- **Exercise instructions**:
Please give again, word for word, the line that contains "#1618=CARTESIAN_POINT('',(-14.75,-12.25,11.0));" and every line after it to the end of the data, with no other lines.

━━━ Excerpted records ━━━

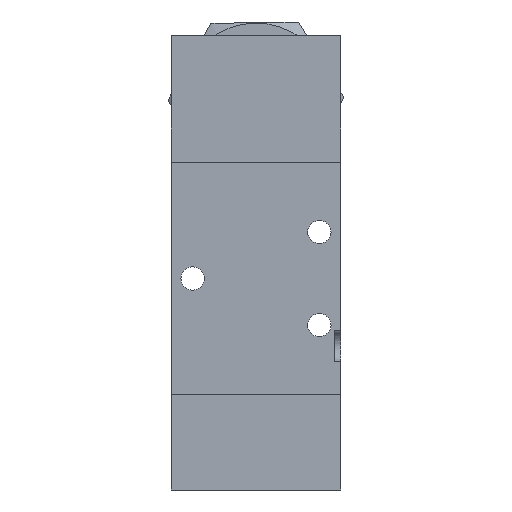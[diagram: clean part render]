
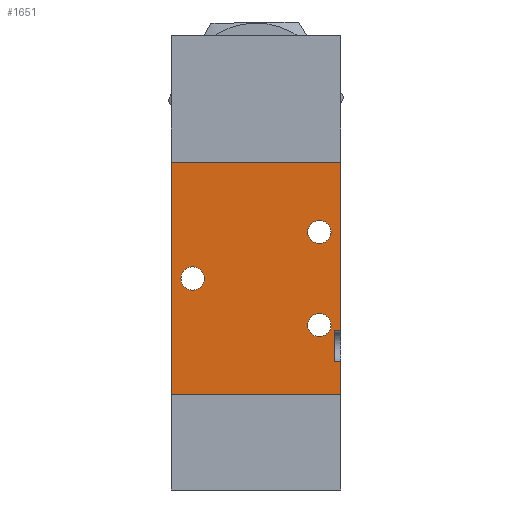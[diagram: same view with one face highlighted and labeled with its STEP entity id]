
A CAD part, left-side view. The second image highlights one B-rep face of the part: STEP entity #1651.
In plain terms, the highlighted planar face has unit normal (-1, 0, 0).
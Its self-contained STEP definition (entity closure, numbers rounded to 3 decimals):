
#1369=CARTESIAN_POINT('',(-14.75,-18.5,-12.375));
#1370=VERTEX_POINT('',#1369);
#1378=CARTESIAN_POINT('',(-14.75,-20.0,-12.375));
#1379=VERTEX_POINT('',#1378);
#1386=CARTESIAN_POINT('',(-14.75,-18.5,-12.375));
#1387=DIRECTION('',(0.0,-1.0,0.0));
#1388=VECTOR('',#1387,1.5);
#1389=LINE('',#1386,#1388);
#1390=EDGE_CURVE('',#1370,#1379,#1389,.T.);
#1400=CARTESIAN_POINT('',(-14.75,-18.5,-19.625));
#1401=VERTEX_POINT('',#1400);
#1408=CARTESIAN_POINT('',(-14.75,-20.0,-19.625));
#1409=VERTEX_POINT('',#1408);
#1410=CARTESIAN_POINT('',(-14.75,-20.0,-19.625));
#1411=DIRECTION('',(0.0,1.0,0.0));
#1412=VECTOR('',#1411,1.5);
#1413=LINE('',#1410,#1412);
#1414=EDGE_CURVE('',#1409,#1401,#1413,.T.);
#1433=CARTESIAN_POINT('',(-14.75,-18.5,-19.625));
#1434=DIRECTION('',(0.0,0.0,1.0));
#1435=VECTOR('',#1434,7.25);
#1436=LINE('',#1433,#1435);
#1437=EDGE_CURVE('',#1401,#1370,#1436,.T.);
#1570=CARTESIAN_POINT('',(-14.75,0.,0.));
#1571=DIRECTION('',(1.0,0.0,0.0));
#1572=DIRECTION('',(0.0,0.0,-1.0));
#1573=AXIS2_PLACEMENT_3D('',#1570,#1571,#1572);
#1574=PLANE('',#1573);
#1575=ORIENTED_EDGE('',*,*,#1414,.T.);
#1576=ORIENTED_EDGE('',*,*,#1437,.T.);
#1577=ORIENTED_EDGE('',*,*,#1390,.T.);
#1578=CARTESIAN_POINT('',(-14.75,-20.0,27.5));
#1579=VERTEX_POINT('',#1578);
#1580=CARTESIAN_POINT('',(-14.75,-20.0,27.5));
#1581=DIRECTION('',(0.0,0.0,-1.0));
#1582=VECTOR('',#1581,39.875);
#1583=LINE('',#1580,#1582);
#1584=EDGE_CURVE('',#1579,#1379,#1583,.T.);
#1585=ORIENTED_EDGE('',*,*,#1584,.F.);
#1586=CARTESIAN_POINT('',(-14.75,20.0,27.5));
#1587=VERTEX_POINT('',#1586);
#1588=CARTESIAN_POINT('',(-14.75,20.0,27.5));
#1589=DIRECTION('',(0.0,-1.0,0.0));
#1590=VECTOR('',#1589,40.0);
#1591=LINE('',#1588,#1590);
#1592=EDGE_CURVE('',#1587,#1579,#1591,.T.);
#1593=ORIENTED_EDGE('',*,*,#1592,.F.);
#1594=CARTESIAN_POINT('',(-14.75,20.0,-27.5));
#1595=VERTEX_POINT('',#1594);
#1596=CARTESIAN_POINT('',(-14.75,20.0,-27.5));
#1597=DIRECTION('',(0.0,0.0,1.0));
#1598=VECTOR('',#1597,55.0);
#1599=LINE('',#1596,#1598);
#1600=EDGE_CURVE('',#1595,#1587,#1599,.T.);
#1601=ORIENTED_EDGE('',*,*,#1600,.F.);
#1602=CARTESIAN_POINT('',(-14.75,-20.0,-27.5));
#1603=VERTEX_POINT('',#1602);
#1604=CARTESIAN_POINT('',(-14.75,-20.0,-27.5));
#1605=DIRECTION('',(0.0,1.0,0.0));
#1606=VECTOR('',#1605,40.0);
#1607=LINE('',#1604,#1606);
#1608=EDGE_CURVE('',#1603,#1595,#1607,.T.);
#1609=ORIENTED_EDGE('',*,*,#1608,.F.);
#1610=CARTESIAN_POINT('',(-14.75,-20.0,-19.625));
#1611=DIRECTION('',(0.0,0.0,-1.0));
#1612=VECTOR('',#1611,7.875);
#1613=LINE('',#1610,#1612);
#1614=EDGE_CURVE('',#1409,#1603,#1613,.T.);
#1615=ORIENTED_EDGE('',*,*,#1614,.F.);
#1616=EDGE_LOOP('',(#1575,#1576,#1577,#1585,#1593,#1601,#1609,#1615));
#1617=FACE_OUTER_BOUND('',#1616,.T.);
#1618=CARTESIAN_POINT('',(-14.75,-12.25,11.0));
#1619=VERTEX_POINT('',#1618);
#1620=CARTESIAN_POINT('',(-14.75,-15.0,11.0));
#1621=DIRECTION('',(1.0,0.0,0.0));
#1622=DIRECTION('',(0.0,-1.0,0.0));
#1623=AXIS2_PLACEMENT_3D('',#1620,#1621,#1622);
#1624=CIRCLE('',#1623,2.75);
#1625=EDGE_CURVE('',#1619,#1619,#1624,.T.);
#1626=ORIENTED_EDGE('',*,*,#1625,.T.);
#1627=EDGE_LOOP('',(#1626));
#1628=FACE_BOUND('',#1627,.T.);
#1629=CARTESIAN_POINT('',(-14.75,-12.25,-11.0));
#1630=VERTEX_POINT('',#1629);
#1631=CARTESIAN_POINT('',(-14.75,-15.,-11.0));
#1632=DIRECTION('',(1.0,0.0,0.0));
#1633=DIRECTION('',(0.0,-1.0,0.0));
#1634=AXIS2_PLACEMENT_3D('',#1631,#1632,#1633);
#1635=CIRCLE('',#1634,2.75);
#1636=EDGE_CURVE('',#1630,#1630,#1635,.T.);
#1637=ORIENTED_EDGE('',*,*,#1636,.T.);
#1638=EDGE_LOOP('',(#1637));
#1639=FACE_BOUND('',#1638,.T.);
#1640=CARTESIAN_POINT('',(-14.75,17.75,0.));
#1641=VERTEX_POINT('',#1640);
#1642=CARTESIAN_POINT('',(-14.75,15.0,0.));
#1643=DIRECTION('',(1.0,0.0,0.0));
#1644=DIRECTION('',(0.0,-1.0,0.0));
#1645=AXIS2_PLACEMENT_3D('',#1642,#1643,#1644);
#1646=CIRCLE('',#1645,2.75);
#1647=EDGE_CURVE('',#1641,#1641,#1646,.T.);
#1648=ORIENTED_EDGE('',*,*,#1647,.T.);
#1649=EDGE_LOOP('',(#1648));
#1650=FACE_BOUND('',#1649,.T.);
#1651=ADVANCED_FACE('',(#1617,#1628,#1639,#1650),#1574,.F.);

━━━

- **Answer box**:
#1618=CARTESIAN_POINT('',(-14.75,-12.25,11.0));
#1619=VERTEX_POINT('',#1618);
#1620=CARTESIAN_POINT('',(-14.75,-15.0,11.0));
#1621=DIRECTION('',(1.0,0.0,0.0));
#1622=DIRECTION('',(0.0,-1.0,0.0));
#1623=AXIS2_PLACEMENT_3D('',#1620,#1621,#1622);
#1624=CIRCLE('',#1623,2.75);
#1625=EDGE_CURVE('',#1619,#1619,#1624,.T.);
#1626=ORIENTED_EDGE('',*,*,#1625,.T.);
#1627=EDGE_LOOP('',(#1626));
#1628=FACE_BOUND('',#1627,.T.);
#1629=CARTESIAN_POINT('',(-14.75,-12.25,-11.0));
#1630=VERTEX_POINT('',#1629);
#1631=CARTESIAN_POINT('',(-14.75,-15.,-11.0));
#1632=DIRECTION('',(1.0,0.0,0.0));
#1633=DIRECTION('',(0.0,-1.0,0.0));
#1634=AXIS2_PLACEMENT_3D('',#1631,#1632,#1633);
#1635=CIRCLE('',#1634,2.75);
#1636=EDGE_CURVE('',#1630,#1630,#1635,.T.);
#1637=ORIENTED_EDGE('',*,*,#1636,.T.);
#1638=EDGE_LOOP('',(#1637));
#1639=FACE_BOUND('',#1638,.T.);
#1640=CARTESIAN_POINT('',(-14.75,17.75,0.));
#1641=VERTEX_POINT('',#1640);
#1642=CARTESIAN_POINT('',(-14.75,15.0,0.));
#1643=DIRECTION('',(1.0,0.0,0.0));
#1644=DIRECTION('',(0.0,-1.0,0.0));
#1645=AXIS2_PLACEMENT_3D('',#1642,#1643,#1644);
#1646=CIRCLE('',#1645,2.75);
#1647=EDGE_CURVE('',#1641,#1641,#1646,.T.);
#1648=ORIENTED_EDGE('',*,*,#1647,.T.);
#1649=EDGE_LOOP('',(#1648));
#1650=FACE_BOUND('',#1649,.T.);
#1651=ADVANCED_FACE('',(#1617,#1628,#1639,#1650),#1574,.F.);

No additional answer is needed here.